Aim of the task
The expected result is the run of lines from the one containing "lines in inches." to the end of the listing, copied exactly.

Data provided
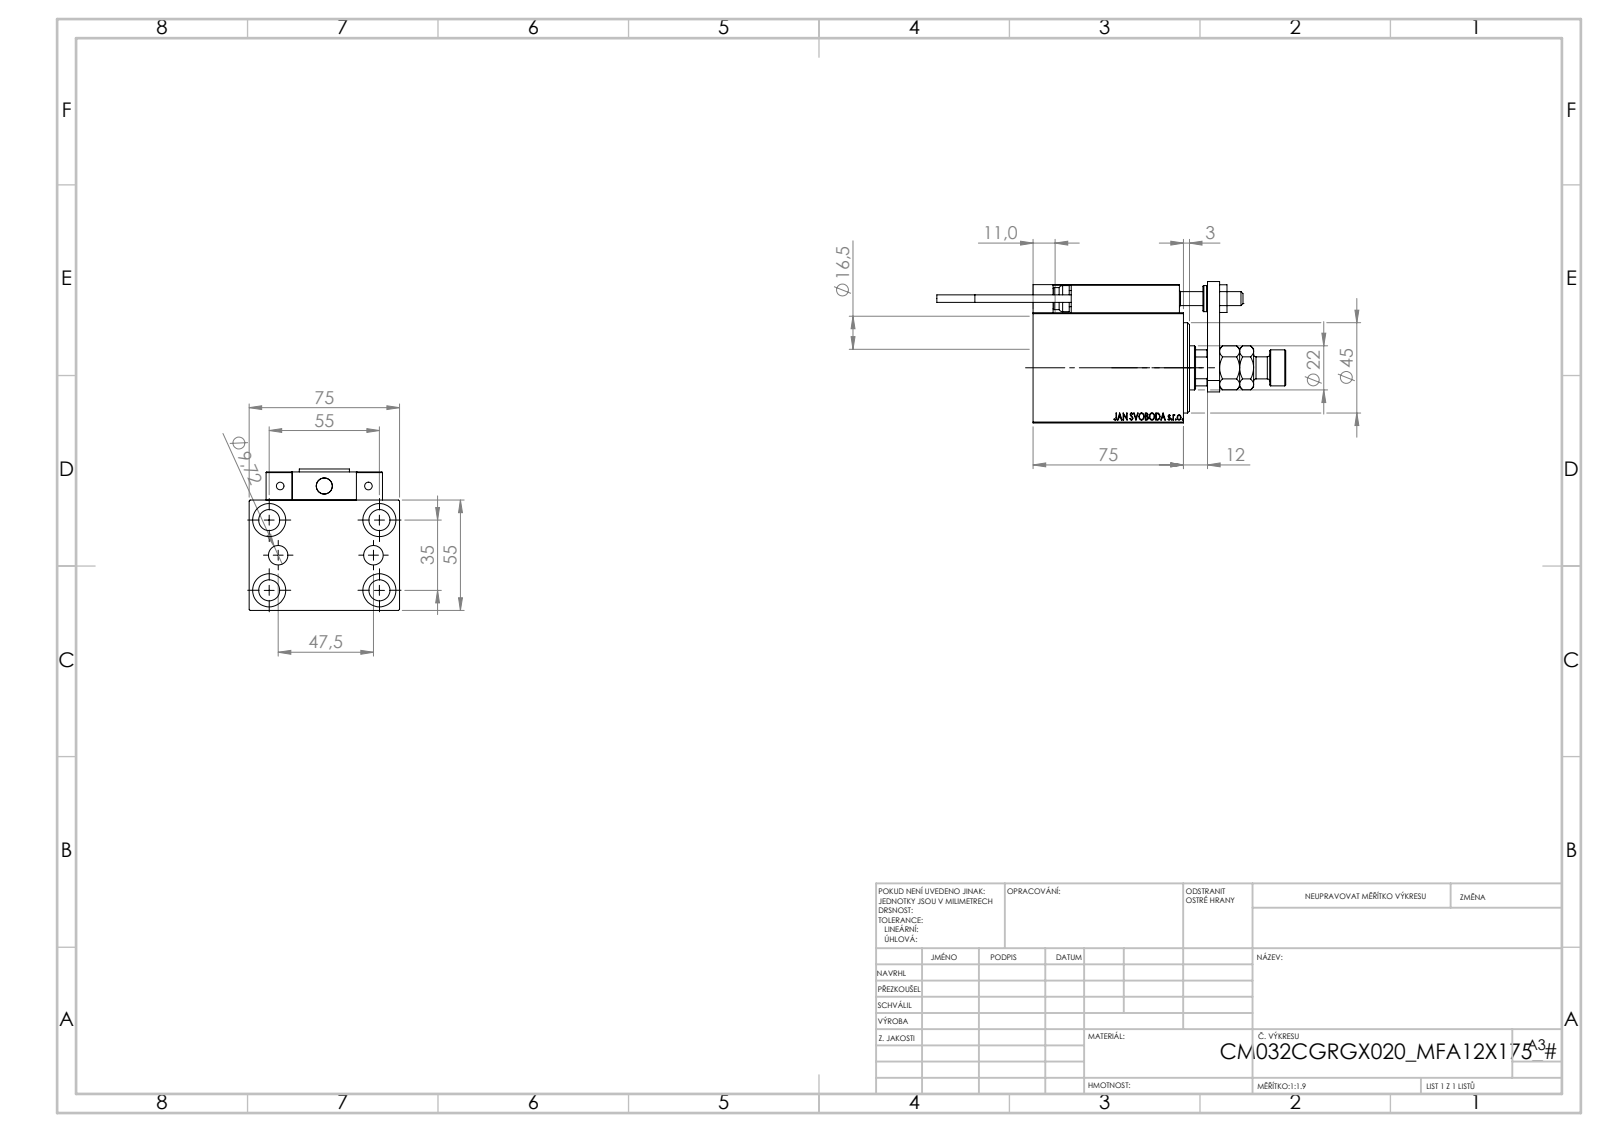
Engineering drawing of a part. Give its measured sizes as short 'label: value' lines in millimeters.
name: ALLEN BOLT D5; V450CM_VC_B; Block; V450CM_C_VCP (+8 more)
written by: SolidWorks 2019 (CONFIG_CONTROL_DESIGN)
unit: mm
bodies: 24 solids, 1330 faces (576 planar, 188 cylindrical, 566 other)
size: 174 × 75 × 70.5
volume: 322 071 mm³; area: 89 964 mm²
holes: 6× ⌀4, 5× ⌀8, 5× ⌀10.5, 5× ⌀16.5, 4× ⌀3.2, 2× ⌀5, 2× ⌀9.72, 1× ⌀7, 1× ⌀22, 1× ⌀25.5, 1× ⌀32, 1× ⌀34
bosses: 2× ⌀11, 2× ⌀5, 2× ⌀3.8, 1× ⌀18, 1× ⌀13
rounds: 30× R0.3, 2× R3, 1× R10.5
face distances: 55, 75, 14, 10, 3, 69, 23, 18, 20, 25
hole spacings: 17.9, 32.6, 54.16, 11.37, 20, 23.75, 27.07, 29.59
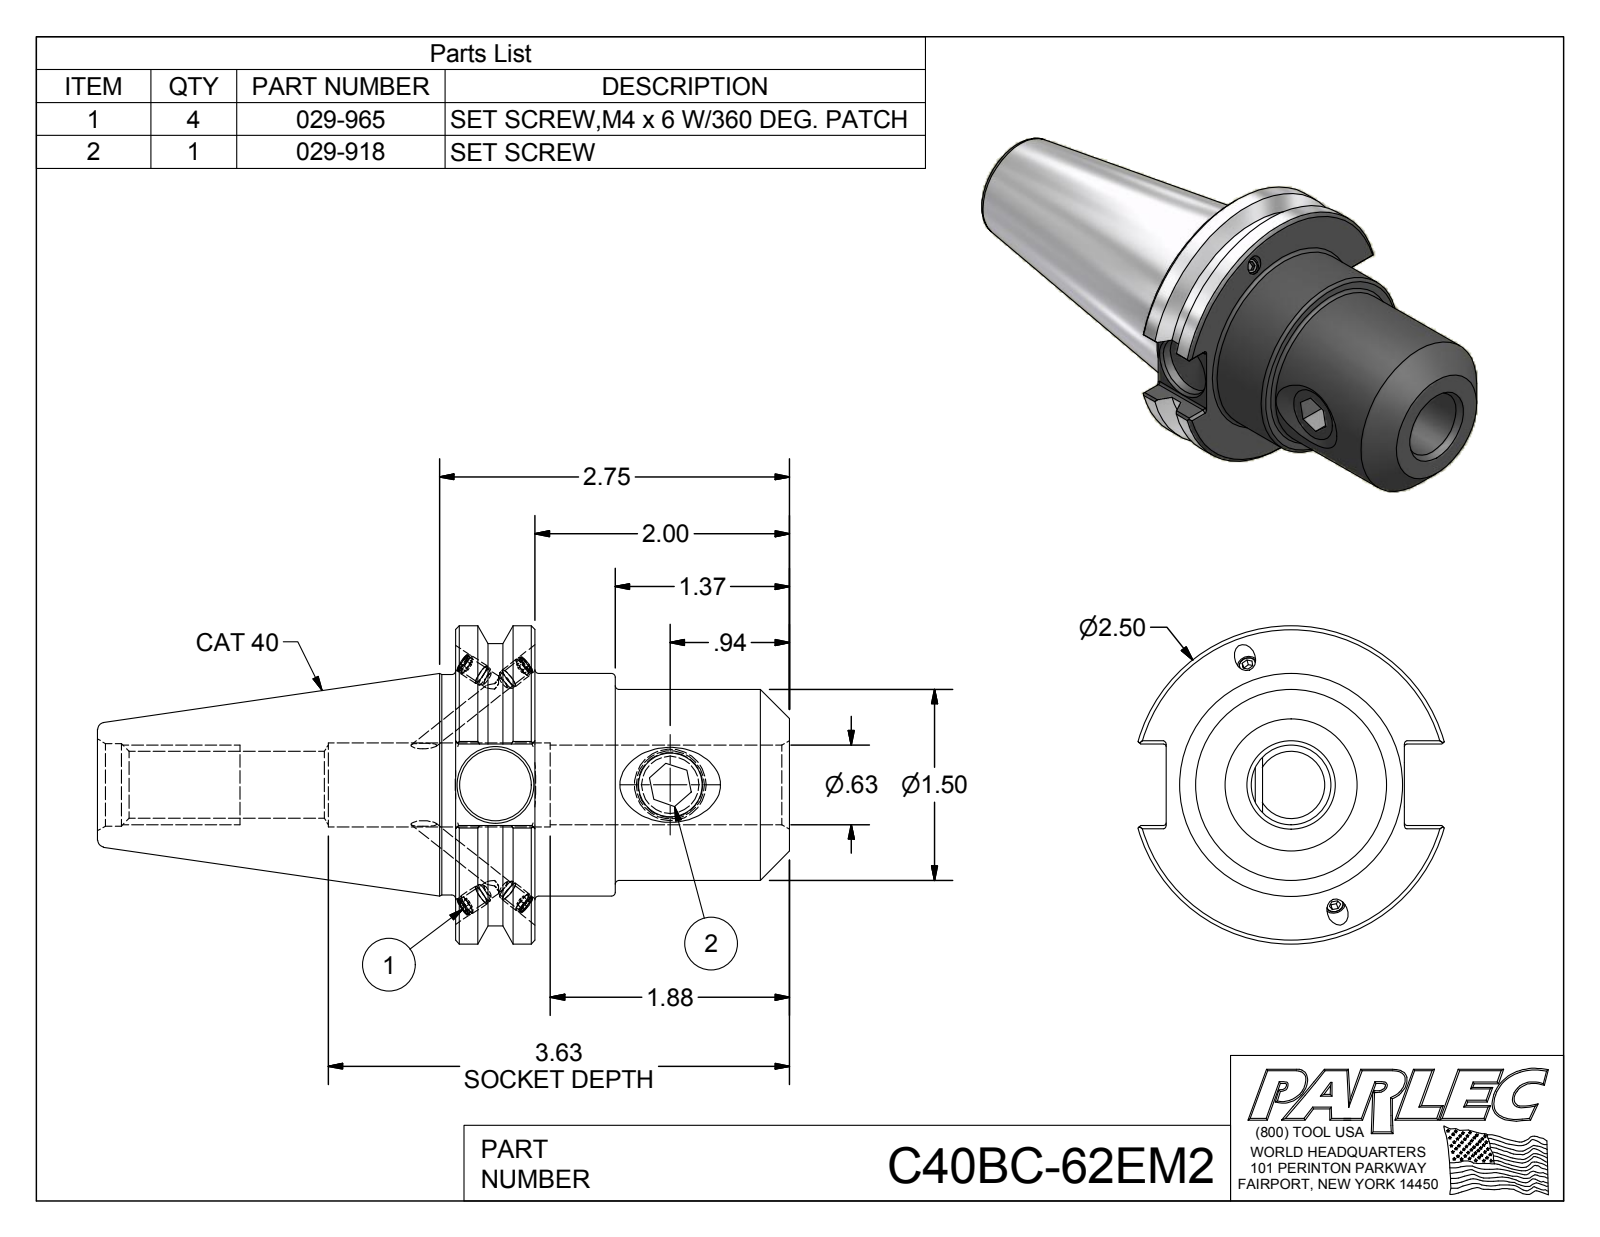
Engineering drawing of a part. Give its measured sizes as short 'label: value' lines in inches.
name: C40BC-62EM2; C40BC-62EM2-1; 029-918; 029-965
written by: Autodesk Inventor 2012 (AUTOMOTIVE_DESIGN)
unit: in
bodies: 6 solids, 142 faces (66 planar, 36 cylindrical, 40 other)
size: 5.438 × 2.5 × 2.417
volume: 9.102 in³; area: 48.38 in²
holes: 4× ⌀0.13, 4× ⌀0.161, 1× ⌀0.502, 1× ⌀0.527, 1× ⌀0.563, 1× ⌀0.625, 1× ⌀0.648, 1× ⌀0.66
bosses: 4× ⌀0.165, 4× ⌀0.157, 1× ⌀2.5, 1× ⌀2.219, 1× ⌀1.75, 1× ⌀1.5, 1× ⌀0.563
face distances: 0.625, 2.625, 2, 1.255, 0.63, 1.37, 0.64, 2.813, 3.437, 4.067
hole spacings: 1.372

Result below
Engineering drawing of a part. Give its measured sizes as short 'label: value' lines in inches.
name: C40BC-62EM2; C40BC-62EM2-1; 029-918; 029-965
written by: Autodesk Inventor 2012 (AUTOMOTIVE_DESIGN)
unit: in
bodies: 6 solids, 142 faces (66 planar, 36 cylindrical, 40 other)
size: 5.438 × 2.5 × 2.417
volume: 9.102 in³; area: 48.38 in²
holes: 4× ⌀0.13, 4× ⌀0.161, 1× ⌀0.502, 1× ⌀0.527, 1× ⌀0.563, 1× ⌀0.625, 1× ⌀0.648, 1× ⌀0.66
bosses: 4× ⌀0.165, 4× ⌀0.157, 1× ⌀2.5, 1× ⌀2.219, 1× ⌀1.75, 1× ⌀1.5, 1× ⌀0.563
face distances: 0.625, 2.625, 2, 1.255, 0.63, 1.37, 0.64, 2.813, 3.437, 4.067
hole spacings: 1.372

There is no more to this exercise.